TO DO: The expected output is every line from the one containing "height=1.7, rotation=103.1578, dxfattribs=at).set_placement(p)" to the end of the data below, exactly, and no other line.

MATERIALS PROVIDED:
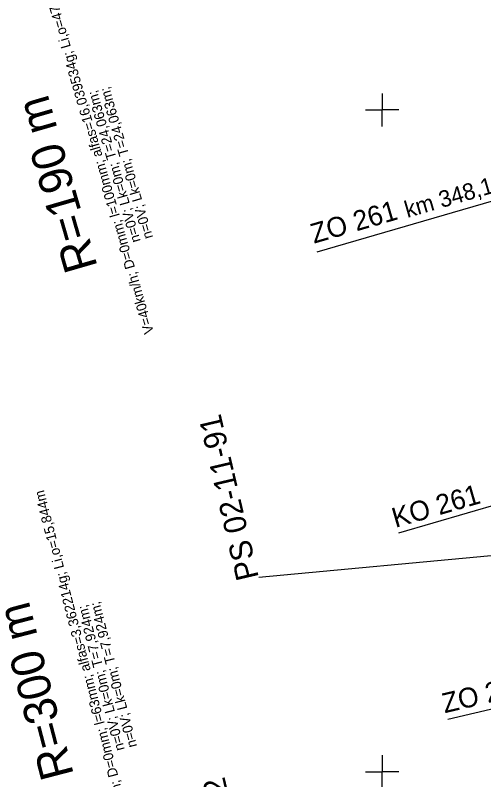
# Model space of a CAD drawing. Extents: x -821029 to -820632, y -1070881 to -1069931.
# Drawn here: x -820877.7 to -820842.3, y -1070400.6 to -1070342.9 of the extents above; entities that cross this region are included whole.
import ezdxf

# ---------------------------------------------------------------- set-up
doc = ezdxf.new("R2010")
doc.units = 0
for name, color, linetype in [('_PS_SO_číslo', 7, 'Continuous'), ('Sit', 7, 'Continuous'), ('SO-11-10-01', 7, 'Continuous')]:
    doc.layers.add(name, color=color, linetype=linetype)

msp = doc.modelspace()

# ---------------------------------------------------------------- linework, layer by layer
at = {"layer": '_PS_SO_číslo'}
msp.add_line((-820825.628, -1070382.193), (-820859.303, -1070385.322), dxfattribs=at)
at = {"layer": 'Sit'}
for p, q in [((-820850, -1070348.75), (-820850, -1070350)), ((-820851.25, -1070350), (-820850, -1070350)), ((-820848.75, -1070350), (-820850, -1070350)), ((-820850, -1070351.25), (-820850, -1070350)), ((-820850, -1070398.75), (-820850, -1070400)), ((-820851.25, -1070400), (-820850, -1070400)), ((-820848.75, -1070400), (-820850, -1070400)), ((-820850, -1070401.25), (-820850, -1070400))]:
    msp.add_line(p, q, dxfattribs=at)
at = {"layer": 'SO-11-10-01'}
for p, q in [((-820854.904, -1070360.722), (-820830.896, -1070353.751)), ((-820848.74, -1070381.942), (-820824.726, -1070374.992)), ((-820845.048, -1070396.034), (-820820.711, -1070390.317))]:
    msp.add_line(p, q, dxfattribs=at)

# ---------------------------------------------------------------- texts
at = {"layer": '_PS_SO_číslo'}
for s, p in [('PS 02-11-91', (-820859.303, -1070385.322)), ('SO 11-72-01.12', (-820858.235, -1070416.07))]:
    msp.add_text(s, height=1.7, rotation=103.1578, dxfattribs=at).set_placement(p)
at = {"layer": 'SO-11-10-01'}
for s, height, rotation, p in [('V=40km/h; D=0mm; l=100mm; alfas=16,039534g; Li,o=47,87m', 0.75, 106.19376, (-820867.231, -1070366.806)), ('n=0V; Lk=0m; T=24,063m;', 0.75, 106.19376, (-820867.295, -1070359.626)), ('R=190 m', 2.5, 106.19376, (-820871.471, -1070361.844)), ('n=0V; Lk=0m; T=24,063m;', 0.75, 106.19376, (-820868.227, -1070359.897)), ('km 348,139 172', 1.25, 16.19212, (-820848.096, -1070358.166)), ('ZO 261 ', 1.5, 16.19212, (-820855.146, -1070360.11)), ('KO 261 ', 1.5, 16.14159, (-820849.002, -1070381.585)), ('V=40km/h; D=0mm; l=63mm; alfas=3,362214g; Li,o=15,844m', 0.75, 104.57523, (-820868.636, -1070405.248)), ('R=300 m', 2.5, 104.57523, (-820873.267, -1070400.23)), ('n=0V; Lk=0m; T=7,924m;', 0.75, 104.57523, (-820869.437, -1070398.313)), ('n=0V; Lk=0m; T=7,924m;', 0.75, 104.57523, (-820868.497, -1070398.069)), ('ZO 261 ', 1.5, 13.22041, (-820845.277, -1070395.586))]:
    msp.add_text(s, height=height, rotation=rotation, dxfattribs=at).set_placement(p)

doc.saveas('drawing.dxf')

SOLUTION TO THIS PROBLEM:
    msp.add_text(s, height=1.7, rotation=103.1578, dxfattribs=at).set_placement(p)
at = {"layer": 'SO-11-10-01'}
for s, height, rotation, p in [('V=40km/h; D=0mm; l=100mm; alfas=16,039534g; Li,o=47,87m', 0.75, 106.19376, (-820867.231, -1070366.806)), ('n=0V; Lk=0m; T=24,063m;', 0.75, 106.19376, (-820867.295, -1070359.626)), ('R=190 m', 2.5, 106.19376, (-820871.471, -1070361.844)), ('n=0V; Lk=0m; T=24,063m;', 0.75, 106.19376, (-820868.227, -1070359.897)), ('km 348,139 172', 1.25, 16.19212, (-820848.096, -1070358.166)), ('ZO 261 ', 1.5, 16.19212, (-820855.146, -1070360.11)), ('KO 261 ', 1.5, 16.14159, (-820849.002, -1070381.585)), ('V=40km/h; D=0mm; l=63mm; alfas=3,362214g; Li,o=15,844m', 0.75, 104.57523, (-820868.636, -1070405.248)), ('R=300 m', 2.5, 104.57523, (-820873.267, -1070400.23)), ('n=0V; Lk=0m; T=7,924m;', 0.75, 104.57523, (-820869.437, -1070398.313)), ('n=0V; Lk=0m; T=7,924m;', 0.75, 104.57523, (-820868.497, -1070398.069)), ('ZO 261 ', 1.5, 13.22041, (-820845.277, -1070395.586))]:
    msp.add_text(s, height=height, rotation=rotation, dxfattribs=at).set_placement(p)

doc.saveas('drawing.dxf')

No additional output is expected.